A common practice here is to write a signaling diagrams that depict the possible scenarios. For

now we’ll just consider one scenario, that is the normal scenario, everything go smoothly. So here

it is.

[Draw the signaling diagram with artrage]

Now, we’re facing the design challenge. First, we should notice, that we have two sip dialogs

running side by side. Let’s label the to the left here CallerDialog (because it’s facing the caller).

And… for the one to the right, we’ll name it CalleeDialog.
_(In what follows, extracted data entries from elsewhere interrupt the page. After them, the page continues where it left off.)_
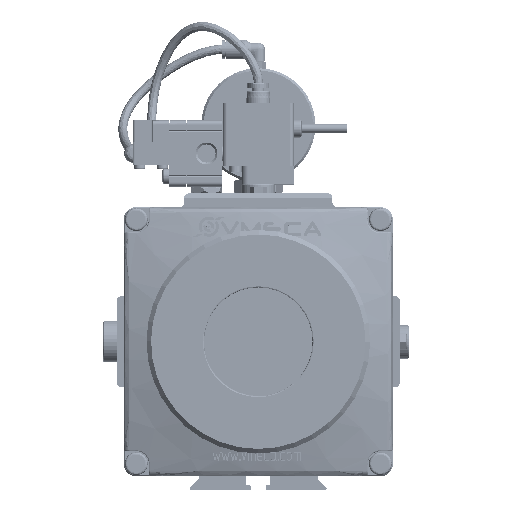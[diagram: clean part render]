
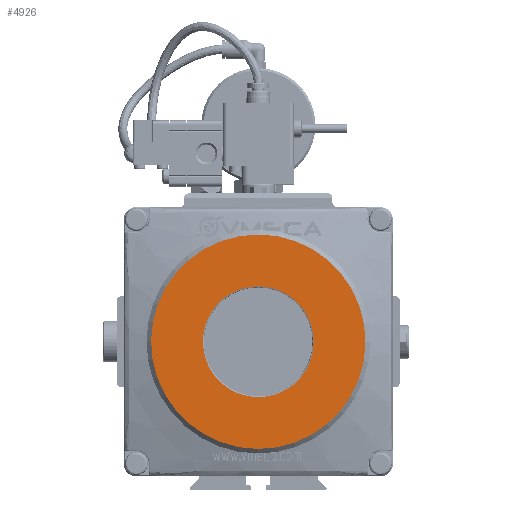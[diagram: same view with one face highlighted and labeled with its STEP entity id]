
A CAD part, left-side view. The second image highlights one B-rep face of the part: STEP entity #4926.
In plain terms, the highlighted planar face has unit normal (-1, 0, 0).
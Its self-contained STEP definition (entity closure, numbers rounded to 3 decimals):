
#4926 = ADVANCED_FACE( '', ( #11439, #11440 ), #11441, .F. );
#11439 = FACE_OUTER_BOUND( '', #22153, .T. );
#11440 = FACE_BOUND( '', #22154, .T. );
#11441 = PLANE( '', #22155 );
#22153 = EDGE_LOOP( '', ( #38006 ) );
#22154 = EDGE_LOOP( '', ( #38007 ) );
#22155 = AXIS2_PLACEMENT_3D( '', #38008, #38009, #38010 );
#38006 = ORIENTED_EDGE( '', *, *, #56571, .T. );
#38007 = ORIENTED_EDGE( '', *, *, #56572, .F. );
#38008 = CARTESIAN_POINT( '', ( -11., 0., 47. ) );
#38009 = DIRECTION( '', ( 1., 0., 0. ) );
#38010 = DIRECTION( '', ( 0., 1., 0. ) );
#56571 = EDGE_CURVE( '', #68247, #68247, #68248, .T. );
#56572 = EDGE_CURVE( '', #68249, #68249, #68250, .T. );
#68247 = VERTEX_POINT( '', #87728 );
#68248 = CIRCLE( '', #87729, 47. );
#68249 = VERTEX_POINT( '', #87730 );
#68250 = CIRCLE( '', #87731, 24.3 );
#87728 = CARTESIAN_POINT( '', ( -11., 0., 47. ) );
#87729 = AXIS2_PLACEMENT_3D( '', #101732, #101733, #101734 );
#87730 = CARTESIAN_POINT( '', ( -11., 0., 24.3 ) );
#87731 = AXIS2_PLACEMENT_3D( '', #101735, #101736, #101737 );
#101732 = CARTESIAN_POINT( '', ( -11., 0., 0. ) );
#101733 = DIRECTION( '', ( -1., 0., 0. ) );
#101734 = DIRECTION( '', ( 0., 0., 1. ) );
#101735 = CARTESIAN_POINT( '', ( -11., 0., 0. ) );
#101736 = DIRECTION( '', ( -1., 0., 0. ) );
#101737 = DIRECTION( '', ( 0., 0., 1. ) );
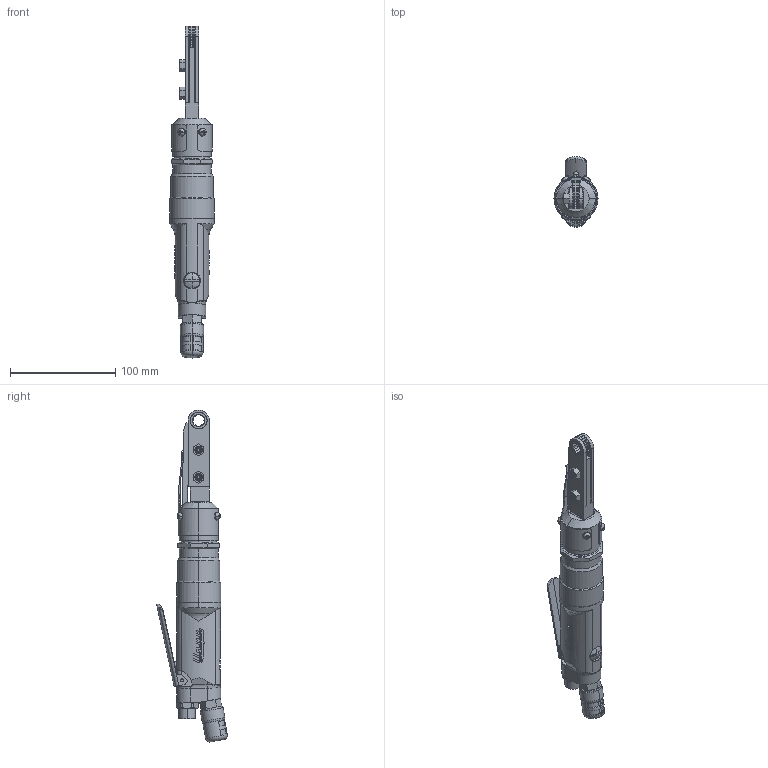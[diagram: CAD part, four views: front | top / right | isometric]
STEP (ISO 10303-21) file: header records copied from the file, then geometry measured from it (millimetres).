
FILE_DESCRIPTION (( 'STEP AP203' ), '1' );
FILE_NAME ('URW-6.STEP', '2006-02-14T00:53:00', ( '' ), ( '' ), 'SwSTEP 2.0', 'SolidWorks 2004073', '' );
FILE_SCHEMA (( 'CONFIG_CONTROL_DESIGN' ));
Length unit declared in the file: millimetre
Products named in the file (7): 2000255_蹬怮椔; 2000295_蹬怮椔; URW-6; 2006565_蹬怮椔; 2003815_蹬怮椔; 9703210_蹬怮椔; 4381073_蹬怮椔
Assembly tree (6 placements, depth 2):
  URW-6
    2000295_蹬怮椔
    2006565_蹬怮椔
    2003815_蹬怮椔
    2000255_蹬怮椔
    9703210_蹬怮椔
    4381073_蹬怮椔
Bounding box: 42 x 67.31 x 315.99 mm (x, y, z)
Volume: 257592.6 mm3; surface area: 51282.8 mm2
Topology: 6 solids, 6 shells, 710 faces, 1902 edges, 1229 vertices
Faces by surface type: plane 364, cylinder 232, cone 49, bspline 34, torus 25, sphere 6
Entity records: 26990 total; most frequent: CARTESIAN_POINT 9240, ORIENTED_EDGE 3794, DIRECTION 3255, EDGE_CURVE 1897, VERTEX_POINT 1229, AXIS2_PLACEMENT_3D 1146, VECTOR 963, LINE 963

In SIP Servlet programming the object that roughly represents a SIP dialog is SIPSession

[Show the API doc of SIPSession].

What’s the use of it? Well, it can be used to store session-wide data…, akin to the use of

HttpSession in HTTP servlet programming.

The other use – that we will employ here – is: creation of requests. You see, at one point (here)

[hover your mouse over the BYE], the SIP Servlet will have to create and send a BYE request. That

can be achieved by calling createRequest(…) method on the SIPSession object [show the method

doc in the API doc] that represents the dialog you want to tear down.

Now back to the diagram, by now it’s clear that our SIP Servlet will have to handle two SIPSessions

throughout the scenario. Further, we also (should) realize that we need to logically link the two

sessions. By this I mean: we must be able to navigate from one session to the other. Just keep that

in mind for now, as we’ll jump on to the next step… that is doing a mapping between the diagram

and various doXXX methods of SIPServlet.

We start from the top, the INVITE request. We already know that we deal with it in doInvite(…)

method. What exactly do we do there? Well, first we’ll have to send back a response to the caller,

to indicate him that the INVITE has been received, and letting him know that the SIP Servlet is

trying to fulfill it. The name of the response signal is…, surprise, TRYING (code 100).

Ok, another little detour.... Regarding sending this TRYING signal. It’s a good thing to do, in order

to avoid network congestion. You know, the caller, after sending an INVITE, will start a timer.

When it fires off, and no response has been received, it will re-send the INVITE. So, let’s keep that

from happening, and sending the TRYING signal is the way to go.

That’s all for doInvite(…)…, let me mark this part of the diagram, denoting that it falls within the

scope of the doInvite(…) method.

Next…. When the ringing signal is received from the callee, we have to relay it to the caller. We do

that inside the doProvisionalResponse() method.

[Again, highlight]

Later, as soon as the callee picks up, our SIP Servlet will receive an OK signal. This one, also, has to

be relayed to the caller. We do that inside the doSuccessResponse() method.

[Again, highlight]

Finally, after a while, either the caller or the callee will hangup first. Yep, time for total

annihilation. So, what we have here is an incoming BYE request. Again what we have to do on that

event is: relay it to the other side…, and we do it inside the doBye(…) method.

[Again, highlight]

Allrighty, we’re done the mapping, now it’s time to do the actual coding.

[Start from doInvite:]

doInvite(inviteFromCaller):

inviteToCallee = SIPFactory.createRequest(invitationCaller.getSession().getApplicationSession(),

to = create using sipfactory, from = copy from the inviteFromCaller).

…………….

Notice a new type just came up, applicationSession (show SIPApplicationSession API DOC).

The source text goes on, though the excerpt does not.